Она подняла голову.
Нехорошо.
Слишком близко к правде.
— Правда? А мне казалось, я образец холодного величия.
— Лжёте отвратительно.
— Это наша семейная традиция — замечать это друг в друге?
Уголок его рта дёрнулся.
Но глаза остались серьёзными.
— Я не должен был позволять им так далеко заходить.
Вот.
Это прозвучало не как оправдание.
Как признание вины.
И оттого было в сто раз опаснее.
Алина почувствовала, как под рёбрами что-то сжалось совсем не там, где следовало.
— Вы не запускали слух сами, — сказала она.
— Нет.
— Тогда не берите на себя всё сразу.
— Поздно.
Он сказал это очень просто.
И именно эта простота добила.
Потому что она вдруг увидела всю картину с его стороны тоже: дом, где уже давно травят женщин; дворец, который нюхает его брак как место слабости; тайна линии, которую держат на крючке; ведьма, знающая слишком много; сестра, возможно, спрятанная или добитая; и она — женщина, которую уже почти успели объявить неподходящей, пока он воевал не только с врагами, но и с собственным молчанием.
Проклятье.
Нельзя было чувствовать его так ясно.
Нельзя.
Совсем.
— Тогда хотя бы не делайте из меня только жертву, — тихо сказала Алина. — Я не собираюсь стоять и ждать, пока мужчины обменяются письмами, а потом решат, чья жена хуже выглядит на бумаге.
Он шагнул ближе.
Не вплотную.
Но уже достаточно, чтобы жар от камина и его присутствия снова стали одним и тем же.
— Я и не делаю из вас жертву.
— Иногда — делаете.
— Нет. — Его голос стал ниже. — Иногда я просто слишком отчётливо вижу, что за вами уже пришли не как за женой. Как за моим уязвимым местом.
И вот после этого стало совсем тихо.
Не в комнате.
Внутри неё.
Потому что он сказал это вслух.
Не “важной фигурой”.
Не “свидетельницей”.
Не “полезной женщиной”.
Уязвимым местом.
Опасная, страшная правда.
Та, которую можно использовать.
Та, к которой уже нельзя относиться легко.

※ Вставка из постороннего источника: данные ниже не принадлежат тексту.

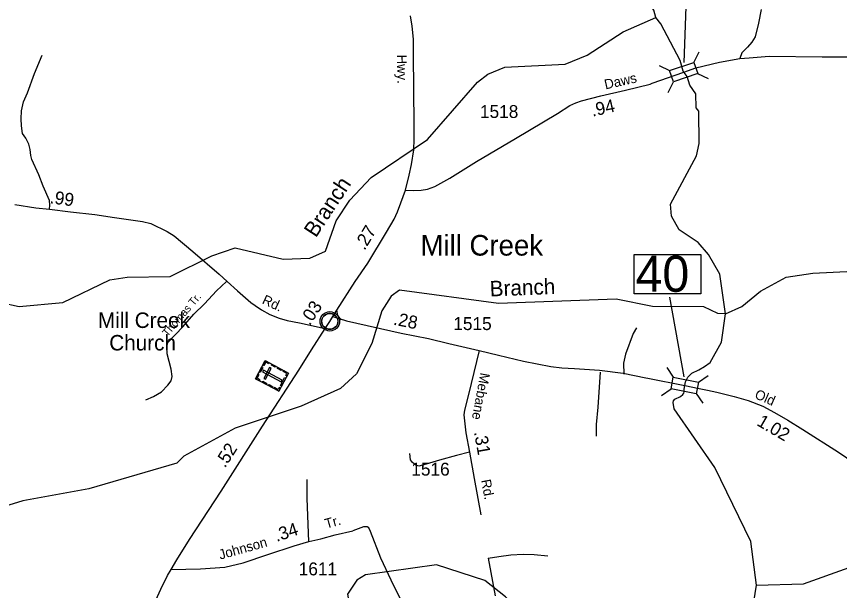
# Model space of a CAD drawing. Extents: x 2104537 to 2336408, y 34176 to 229611.
# Drawn here: x 2272785 to 2280765, y 124388 to 129950 of the extents above; entities that cross this region are included whole.
import ezdxf

# ---------------------------------------------------------------- set-up
doc = ezdxf.new("R2010")
doc.units = 0
for name, color, linetype in [('Exist Civil Demographics Community CELL', 7, 'Continuous'), ('Exist Civil Demographics Community Label', 7, 'Continuous'), ('Exist Cultural Cemetery CELL', 7, 'Continuous'), ('Exist Cultural Church with Cemetery Label', 7, 'Continuous'), ('Exist Hydrographic Creek Single Shore', 7, 'Continuous'), ('Exist Hydrographic Misc Water Feature', 7, 'Continuous'), ('Exist Road Non-System Type 51', 7, 'Continuous'), ('Exist Road Non-System Type 51 Label', 7, 'Continuous'), ('Exist Road Primary NC Attributed', 7, 'Continuous'), ('Exist Road Primary NC Label', 7, 'Continuous'), ('Exist Road Primary NC Mileage Hundredths English Label', 7, 'Continuous'), ('Exist Road Secondary Mileage Hundredths English Label', 7, 'Continuous'), ('Exist Road Secondary Structure Standard Bridge CELL', 7, 'Continuous'), ('Exist Road Secondary Structure Standard Bridge Number Label', 7, 'Continuous'), ('Exist Road Secondary Type 51 Attributed', 7, 'Continuous'), ('Exist Road Secondary Type 51 Label', 7, 'Continuous'), ('Exist Road Secondary Type 51 Number Label', 7, 'Continuous'), ('Old_Level_32', 7, 'Continuous')]:
    doc.layers.add(name, color=color, linetype=linetype)

msp = doc.modelspace()

# ---------------------------------------------------------------- linework, layer by layer
at = {"layer": 'Exist Civil Demographics Community CELL'}
msp.add_lwpolyline([(2275745.7, 127008.4), (2275746.7, 127013.9), (2275748.4, 127020.5), (2275751.4, 127027.7), (2275754.3, 127033.5), (2275757.6, 127039.2), (2275761.4, 127044.3), (2275765.4, 127048.7), (2275769.9, 127053.3), (2275775.5, 127057.9), (2275780.9, 127061.5), (2275785.8, 127064.4), (2275790.8, 127066.9), (2275796.3, 127069.2), (2275801.9, 127071), (2275806.3, 127072.1), (2275811.1, 127072.9), (2275815.2, 127073.6), (2275821.6, 127073.8), (2275826, 127073.7), (2275831.7, 127073.5), (2275836.6, 127072.8), (2275841.5, 127071.8), (2275846.5, 127070.4), (2275851.7, 127068.4), (2275858.3, 127065.5), (2275864.6, 127062), (2275869.7, 127058.5), (2275874.8, 127054.4), (2275878.1, 127051.3), (2275882.3, 127046.9), (2275886.1, 127042.2), (2275889.2, 127037.6), (2275892.3, 127032.6), (2275894.8, 127027.5), (2275896.8, 127022.5), (2275898.4, 127017.4), (2275899.7, 127012.9), (2275900.8, 127006.8), (2275901.4, 127002.1), (2275901.6, 126996.1), (2275901.5, 126990.3), (2275900.9, 126984.6), (2275899.9, 126979.1), (2275898.3, 126973), (2275896.4, 126967.1), (2275894.1, 126962.1), (2275891, 126956.1), (2275887.7, 126950.8), (2275884.2, 126946.1), (2275880, 126941.3), (2275874.7, 126936.4), (2275869.7, 126932.2), (2275864.7, 126928.8), (2275860.4, 126926.3), (2275853.6, 126923.1), (2275846.4, 126920.3), (2275840.5, 126918.9), (2275833.9, 126917.6), (2275829.4, 126917.1), (2275824.9, 126916.8), (2275819.4, 126916.8), (2275815.1, 126917.3), (2275809.4, 126918), (2275803.5, 126919.3), (2275798.9, 126920.6), (2275793.8, 126922.5), (2275789.2, 126924.5), (2275785.3, 126926.7), (2275778.5, 126930.8), (2275772.9, 126935.1), (2275768, 126939.5), (2275763.5, 126944.4), (2275760.3, 126948.4), (2275757.3, 126952.5), (2275753.2, 126959.6), (2275751.5, 126963.2), (2275749.8, 126967.2), (2275747.2, 126975.4), (2275745.7, 126982.4), (2275745, 126987.6), (2275744.7, 126993.9), (2275744.6, 126998.6), (2275745.2, 127005.1)], close=True, dxfattribs=at)
for centre, radius in [((2275823.3, 126995.9), 94.3), ((2275823, 126996.2), 76.7)]:
    msp.add_circle(centre, radius, dxfattribs=at)
at = {"layer": 'Exist Cultural Cemetery CELL'}
for points in [[(2275103.6, 126439.8), (2275197.5, 126615.3), (2275422.1, 126495.2), (2275328.1, 126319.6)], [(2275235.8, 126594.9), (2275230.5, 126584.9), (2275202.1, 126600.1), (2275182.9, 126564.3), (2275173.1, 126569.6), (2275197.6, 126615.3)], [(2275294.9, 126550.4), (2275256.7, 126570.8), (2275262, 126580.8), (2275300.2, 126560.4)], [(2275141.8, 126419.3), (2275147.2, 126429.3), (2275118.8, 126444.5), (2275137.9, 126480.3), (2275128.1, 126485.5), (2275103.6, 126439.8)], [(2275138.6, 126505), (2275163, 126550.7), (2275173.1, 126545.4), (2275148.6, 126499.7)], [(2275180.9, 126522.1), (2275172.1, 126505.6), (2275350.9, 126409.9), (2275359.7, 126426.4)], [(2275182.9, 126443.6), (2275199.4, 126434.8), (2275254.9, 126538.6), (2275238.4, 126547.4)], [(2275353, 126519.2), (2275314.8, 126539.7), (2275320.2, 126549.7), (2275358.3, 126529.3)], [(2275406.4, 126466), (2275396.3, 126471.4), (2275406.7, 126490.8), (2275371, 126509.8), (2275376.3, 126519.7), (2275422.1, 126495.2)], [(2275207.2, 126384.3), (2275169, 126404.7), (2275174.4, 126414.8), (2275212.6, 126394.4)], [(2275345.1, 126375.7), (2275385.2, 126450.5), (2275395.2, 126445.2), (2275355.2, 126370.3)], [(2275266.5, 126352.6), (2275228.3, 126373), (2275233.6, 126383.1), (2275271.8, 126362.6)], [(2275343.7, 126348.8), (2275333.6, 126354.2), (2275323.2, 126334.8), (2275287.6, 126353.9), (2275282.3, 126344.1), (2275328.1, 126319.6)]]:
    msp.add_lwpolyline(points, close=True, dxfattribs=at)
at = {"layer": 'Exist Hydrographic Creek Single Shore'}
for points in [[(2278982.5, 129939.6), (2278965.5, 130012.1), (2278745.4, 130334.5), (2278393.4, 130607), (2278199.4, 130820.6), (2278014.4, 131086.6), (2277821.5, 131228.1), (2277487.4, 131306.8), (2277278.5, 131405.9), (2277135.4, 131520.2)], [(2272635.3, 127179), (2272811.4, 127139.5), (2273235.5, 127177.2), (2273691.3, 127398), (2273858.4, 127424.3), (2274274.5, 127429.4), (2274680.5, 127631.5), (2274905.4, 127709.1), (2275372.3, 127598.4), (2275630.5, 127606.6), (2275780.4, 127675.8), (2275885.4, 127969), (2276017.4, 128169.8), (2276223.5, 128388.9), (2276769.4, 128758.8), (2277255.3, 129313.7), (2277355.4, 129390.4), (2277521.5, 129459.4), (2278103.4, 129487.5), (2278319.3, 129575.2), (2278667.5, 129801.4), (2278982.5, 129939.6)], [(2279659.6, 127069.5), (2279605.4, 127454.3), (2279495.5, 127643.4), (2279394.4, 127760.2), (2279210.5, 127881.8), (2279134.4, 128014.5), (2279124.4, 128132.8), (2279378.4, 128600.2), (2279402.4, 128717.9), (2279399.4, 129032.8), (2279374.5, 129066), (2279372.5, 129200.5), (2279313.4, 129283.7), (2279286.9, 129367.3), (2279248.7, 129418.9), (2279218.8, 129524.2), (2279033.3, 129879.6), (2278982.5, 129939.6)], [(2279659.6, 127069.5), (2279584.5, 127070.9), (2279450.4, 127135.9), (2278950.5, 127138.9), (2278600.5, 127211.3), (2277459.4, 127167.8), (2276500.3, 127297.8), (2276417.5, 127240.4), (2276327.5, 127097.8), (2276230.5, 126781.5), (2276082.4, 126485.9), (2275925.4, 126344.5), (2275544.4, 126174.8), (2274904.4, 125960.8), (2274407.4, 125688.3), (2274341.3, 125620.8), (2273486.5, 125371.6), (2272845.5, 125256), (2272122.5, 125033.8)], [(2279958.5, 124439.7), (2279904.4, 124863.9), (2279556.4, 125579.1), (2279160.9, 126149.7), (2279151.8, 126210.6), (2279155.6, 126226.6), (2279168.6, 126240.3), (2279222.7, 126266.6), (2279246.3, 126286.9), (2279254.8, 126299.4), (2279258.4, 126314.4), (2279259.2, 126338.7), (2279270.9, 126408.7), (2279294.1, 126455.3), (2279334.3, 126494.1), (2279401.6, 126526.5), (2279455.9, 126558.9), (2279510.3, 126597.7), (2279620.4, 126794.8), (2279659.6, 127069.5)], [(2279700.6, 123529.5), (2279872.4, 123916.5), (2279919.6, 124197.7), (2279958.5, 124439.7)]]:
    msp.add_lwpolyline(points, dxfattribs=at)
at = {"layer": 'Exist Hydrographic Misc Water Feature'}
for points in [[(2279659.6, 127069.5), (2279817.5, 127138.6), (2279998.5, 127289.3), (2280247.4, 127425.5), (2280505.4, 127463.2), (2281096.6, 127491.2), (2281287.5, 127559.6), (2281526.6, 127814.1), (2281633.4, 128022), (2281689.6, 128204.6), (2281862.4, 128473.5), (2282250.4, 128787.4), (2282524.6, 128887.1), (2283041.5, 128860.8), (2283333.5, 128763.3), (2283642.5, 128767.1), (2283934.5, 128709)], [(2279958.5, 124439.7), (2280416.4, 124453.8), (2280857.5, 124609.3), (2281623.6, 124624), (2281747.4, 124674.1), (2281813.4, 124731.9), (2281920.5, 124926.6), (2282035.5, 125052.3), (2282765.5, 125441.7), (2283004.6, 125643.7), (2283045.6, 125744.6), (2283185.4, 125928.8), (2283466.6, 126130.1), (2283697.5, 126351.9), (2283921.6, 126452.5), (2284037.4, 126588.1), (2284110.4, 126770.4), (2284323.5, 127140.2)], [(2278537.5, 123220.6), (2278527.5, 123427.5), (2278433.6, 123642.5), (2278299.5, 123766.5), (2277821.5, 124044.6), (2277527.4, 124325.9), (2277326.5, 124484), (2276858.3, 124637.3), (2276167.5, 124539.1), (2276085.5, 124488.2), (2275994.5, 124352.2), (2276003.5, 124296.3), (2275815.5, 123909.6), (2275758.4, 123743.4)]]:
    msp.add_lwpolyline(points, dxfattribs=at)
at = {"layer": 'Exist Road Non-System Type 51'}
msp.add_line((2277357.6, 124700.8), (2277427.3, 124335.7), dxfattribs=at)
for points in [[(2280006.3, 130016.5), (2279979.8, 129884.5), (2279947.1, 129754), (2279913.6, 129701.8), (2279872.3, 129651.4), (2279818.7, 129596.7), (2279798, 129542)], [(2273105.9, 128084), (2273107.7, 128122), (2273105.3, 128167.7), (2273044, 128305.3), (2273001.1, 128415), (2272935.8, 128564.2), (2272925.4, 128604.1), (2272918.7, 128662), (2272906.5, 128712.1), (2272875.8, 128769.8), (2272843.3, 128817.6), (2272834.5, 128889.6), (2272830.2, 128957.3), (2272835.4, 129035.6), (2272852.5, 129123.5), (2272893.8, 129209.9), (2272960.1, 129396.6), (2273034.4, 129574.9)], [(2274038.5, 126234.4), (2274112.6, 126267.1), (2274190.2, 126311.8), (2274253.5, 126378.5), (2274285.1, 126418.5), (2274294.5, 126462.6), (2274284.1, 126532.7), (2274246.6, 126680.4), (2274242.3, 126746.1), (2274251.7, 126792.5), (2274398.2, 126941.8), (2274505.3, 127066.7), (2274608.2, 127165.4), (2274723.1, 127290.5), (2274822.3, 127381.4)], [(2275934.4, 127011.9), (2275901.4, 127053.5), (2275891.5, 127103.2)], [(2278795.4, 126932), (2278764.1, 126877.8), (2278690.4, 126676.9), (2278669.4, 126590.7), (2278672.5, 126482.7)], [(2278444, 126504.5), (2278421.7, 126164.1), (2278405.4, 125997.8), (2278404.8, 125882.1)], [(2277176.4, 125729), (2277052.8, 125697.6), (2276885.2, 125650), (2276757.5, 125610.5), (2276686, 125591.8), (2276655.7, 125603.2), (2276625.3, 125627.1), (2276605.2, 125655.1), (2276598.5, 125716.8)], [(2275619.6, 124862.6), (2275605, 125280.4), (2275603, 125462.2)], [(2276515.8, 124289.9), (2276416.9, 124487.4), (2276318.7, 124701.9), (2276218.4, 124958.6), (2276200.1, 124994.7), (2276183.9, 125004.5), (2276148.9, 125004.3), (2276047.5, 124967.6)], [(2277357.6, 124700.8), (2277461.6, 124718.1), (2277577.3, 124733.3), (2277699.1, 124738.5), (2277805.3, 124735.4), (2277935.3, 124725)]]:
    msp.add_lwpolyline(points, dxfattribs=at)
at = {"layer": 'Exist Road Primary NC Attributed'}
for points in [[(2276558.3, 128268.4), (2276591.6, 128410.9), (2276615.5, 128516.4), (2276636.6, 128656.4), (2276641.6, 128762.3), (2276642.4, 128904.6), (2276634.9, 129580.3), (2276633.4, 129728.8), (2276622.5, 129855.7), (2276605.5, 129954.7)], [(2275853.3, 127041.8), (2275891.5, 127103.2), (2276068.4, 127381.3), (2276190.6, 127558.3), (2276373.2, 127860.2), (2276445.5, 127985.3), (2276479.5, 128058), (2276511.9, 128144.7), (2276558.3, 128268.4)], [(2275778.4, 126927.2), (2275823.3, 126995.9), (2275853.3, 127041.8)], [(2274286, 124592.4), (2274339.7, 124685.2), (2274462.8, 124882.6), (2274768.7, 125351.6), (2275171.5, 125979.6), (2275523.4, 126523.5), (2275645.7, 126720.6), (2275778.4, 126927.2)], [(2274121.7, 124258.4), (2274184.5, 124399.3), (2274251, 124534.1), (2274286, 124592.4)]]:
    msp.add_lwpolyline(points, dxfattribs=at)
at = {"layer": 'Exist Road Secondary Structure Standard Bridge CELL'}
for p, q in [((2279352.5, 129504.9), (2279402.6, 129606.4)), ((2279016.1, 129476.1), (2279117.5, 129426)), ((2279388.8, 129397.7), (2279490.3, 129347.6)), ((2279104.5, 129214.8), (2279154.7, 129316.3)), ((2279089.9, 126548.8), (2279153.2, 126454.9)), ((2279396.4, 126407), (2279490.2, 126470.3)), ((2279037.2, 126278), (2279131.1, 126341.2)), ((2279374.8, 126295.9), (2279438, 126202.1))]:
    msp.add_line(p, q, dxfattribs=at)
for points in [[(2279117.5, 129426), (2279352.3, 129505.5), (2279389.5, 129395.8), (2279154.7, 129316.3)], [(2279153.2, 126454.9), (2279396.5, 126407.6), (2279374.4, 126293.9), (2279131.1, 126341.2)]]:
    msp.add_lwpolyline(points, close=True, dxfattribs=at)
at = {"layer": 'Exist Road Secondary Structure Standard Bridge Number Label'}
for p, q in [((2279259.7, 129505.2), (2279296.4, 130571.4)), ((2279257.2, 126459.4), (2279120.1, 127231.2))]:
    msp.add_line(p, q, dxfattribs=at)
msp.add_lwpolyline([(2278774.7, 127644.7), (2279418.9, 127644.7), (2279418.9, 127262.4), (2278774.7, 127262.4)], close=True, dxfattribs=at)
at = {"layer": 'Exist Road Secondary Type 51 Attributed'}
for points in [[(2279255.2, 129410.1), (2279372.2, 129452), (2279599.5, 129506.2), (2279798, 129542), (2279888.6, 129549.5), (2280081.9, 129564.9), (2280596.8, 129560.3), (2280955.5, 129560.3), (2281225.2, 129560.3)], [(2276558.3, 128268.4), (2276638.7, 128264.1), (2276709.8, 128267.2), (2276771.7, 128278), (2276841.3, 128301.2), (2276986.6, 128383.2), (2277246.3, 128545.6), (2277622, 128768.3), (2278030.2, 129011.2), (2278149.3, 129087), (2278208, 129113.3), (2278263.7, 129133.4), (2278450.8, 129181.9), (2278688.3, 129235.7), (2278927.6, 129295.4), (2278949.6, 129302.2), (2279255.2, 129410.1)], [(2272769.6, 128126.9), (2272971.7, 128096.8), (2273105.9, 128084), (2273310.1, 128055.8), (2273546.4, 128029.9), (2273736.8, 128003.6), (2273893.1, 127978.9), (2274007, 127963.9), (2274087.3, 127942.7), (2274245.4, 127865.2), (2274313.5, 127823.5), (2274495.7, 127672.4), (2274749.6, 127454.6), (2274826.8, 127381.1), (2274929.2, 127292.4), (2275058.2, 127179.4), (2275100.4, 127149.1), (2275160.7, 127107.3), (2275242.7, 127062.4), (2275330.8, 127026.9), (2275411.2, 127003.7), (2275530.2, 126980.5), (2275778.4, 126927.2)], [(2275853.3, 127041.8), (2275985.5, 127000), (2276513.7, 126881.9), (2276780.4, 126828.6), (2276976.9, 126780.8), (2277271.5, 126712.7)], [(2277271.5, 126712.7), (2277166.2, 126287.1), (2277129.2, 126136.1), (2277123.1, 126091.4), (2277143.1, 125917.2), (2277176.4, 125729), (2277223.2, 125473.1), (2277286.9, 125122.2)], [(2277271.5, 126712.7), (2277459.3, 126667.8), (2277702.3, 126610.6), (2277966.7, 126557), (2278073.9, 126544.5), (2278195.7, 126537.5), (2278438.3, 126521.3), (2278667, 126494.4), (2278886.7, 126449.1), (2278907, 126444.4), (2279264.9, 126372.9)], [(2279264.9, 126372.9), (2279403.1, 126344.3), (2279483.4, 126330), (2279574.6, 126310.4), (2279744.3, 126267.5), (2279878.3, 126228.1), (2280021.2, 126172.7), (2280135.5, 126113.8), (2280264.2, 126038.7), (2280408.5, 125947.3), (2280754.9, 125726.8), (2280916.2, 125618.4), (2280968, 125584.7), (2281041.3, 125532.9), (2281228.9, 125395.3), (2281446.4, 125220.1), (2281575.4, 125112.9), (2281702.6, 125001), (2281850.1, 124890.5), (2281995.1, 124792), (2282120.3, 124701.7)], [(2274286, 124592.4), (2274568.2, 124599.3), (2274804.8, 124614.9), (2274982.4, 124656.2), (2275223, 124736.8), (2275476.1, 124821.1), (2275619.6, 124862.6), (2275737.2, 124887.5), (2275875.1, 124927.2), (2276047.5, 124967.6)]]:
    msp.add_lwpolyline(points, dxfattribs=at)

# ---------------------------------------------------------------- texts
at = {"layer": 'Exist Civil Demographics Community Label'}
msp.add_text('Mill Creek', height=200, dxfattribs=at).set_placement((2276701.9, 127632.9))
at = {"layer": 'Exist Cultural Church with Cemetery Label'}
for s, p in [('Mill Creek', (2273575.3, 126931.8)), ('Church', (2273684.9, 126713.8))]:
    msp.add_text(s, height=150, dxfattribs=at).set_placement(p)
at = {"layer": 'Exist Road Non-System Type 51 Label'}
msp.add_text('Thomas Tr.', height=75, rotation=49.39573, dxfattribs=at).set_placement((2274248.8, 126843.1))
at = {"layer": 'Exist Road Primary NC Label'}
msp.add_text('Hwy.', height=95, rotation=271.07258, dxfattribs=at).set_placement((2276473.2, 129579.2))
at = {"layer": 'Exist Road Primary NC Mileage Hundredths English Label'}
for s, rotation, p in [('.27', 58.82518, (2276159.7, 127676.8)), ('.03', 56.80163, (2275628.4, 126947.8)), ('.52', 57.32609, (2274807.1, 125569.1))]:
    msp.add_text(s, height=125, rotation=rotation, dxfattribs=at).set_placement(p)
at = {"layer": 'Exist Road Secondary Mileage Hundredths English Label'}
for s, rotation, p in [('.94', 12.76173, (2278369.9, 128978.4)), ('.99', 352.13063, (2273103.9, 128141.1)), ('.28', 348.68168, (2276433.2, 126964.6)), ('1.02', 329.73231, (2279954.6, 125993.1)), ('.31', 280.01771, (2277220.3, 125922.1)), ('.34', 18.41335, (2275307.5, 124858))]:
    msp.add_text(s, height=125, rotation=rotation, dxfattribs=at).set_placement(p)
at = {"layer": 'Exist Road Secondary Structure Standard Bridge Number Label'}
msp.add_text('40', height=350, dxfattribs=at).set_placement((2278787.3, 127282.1))
at = {"layer": 'Exist Road Secondary Type 51 Label'}
for s, rotation, p in [('Daws', 12.76171, (2278496.1, 129242.7)), ('Rd.', 335.22335, (2275158.8, 127171.1)), ('Mebane', 259.48857, (2277283.6, 126503.3)), ('Old', 336.59826, (2279934.1, 126254.5)), ('Rd.', 280.66553, (2277288.6, 125456.3)), ('Tr.', 15.65553, (2275789.6, 124986.2)), ('Johnson', 15.65553, (2274761.4, 124686.5))]:
    msp.add_text(s, height=95, rotation=rotation, dxfattribs=at).set_placement(p)
at = {"layer": 'Exist Road Secondary Type 51 Number Label'}
for s, p in [('1518', (2277278.8, 128966.4)), ('1515', (2277020.5, 126911.4)), ('1516', (2276613.1, 125501.2)), ('1611', (2275521.6, 124534.8))]:
    msp.add_text(s, height=125, dxfattribs=at).set_placement(p)
at = {"layer": 'Old_Level_32'}
for rotation, p in [(56.67101, (2275687.7, 127799.7)), (2.18357, (2277376.1, 127236.9))]:
    msp.add_text('Branch', height=150, rotation=rotation, dxfattribs=at).set_placement(p)

doc.saveas('drawing.dxf')

Алина подняла на него взгляд.
И сразу поняла, что лучше бы не поднимала.
Слишком близко.
Слишком устало оба.
Слишком много уже было между ними — страх, поцелуй, тайна его раны, её ярость, его запреты, их общее знание о том, как хищно теперь на них будут смотреть.
— Тогда, — сказала она тихо, — не смейте больше давать им повод думать, что я слабое место. Делайте из меня неудобное.
Он смотрел так долго, что ей снова стало трудно дышать.
А потом вдруг протянул руку.
На этот раз не к кольцу.
Не к бумаге.
К её скуле.
К самому краю уже темнеющего синяка.
Коснулся едва-едва. Кончиками пальцев. Настолько легко, что можно было бы потом сказать — показалось.
Но не показалось.
Тело отозвалось мгновенно.
Проклятье.
— Это уже сделали, — тихо сказал он.
И вот тут ей захотелось одновременно ударить его и закрыть глаза.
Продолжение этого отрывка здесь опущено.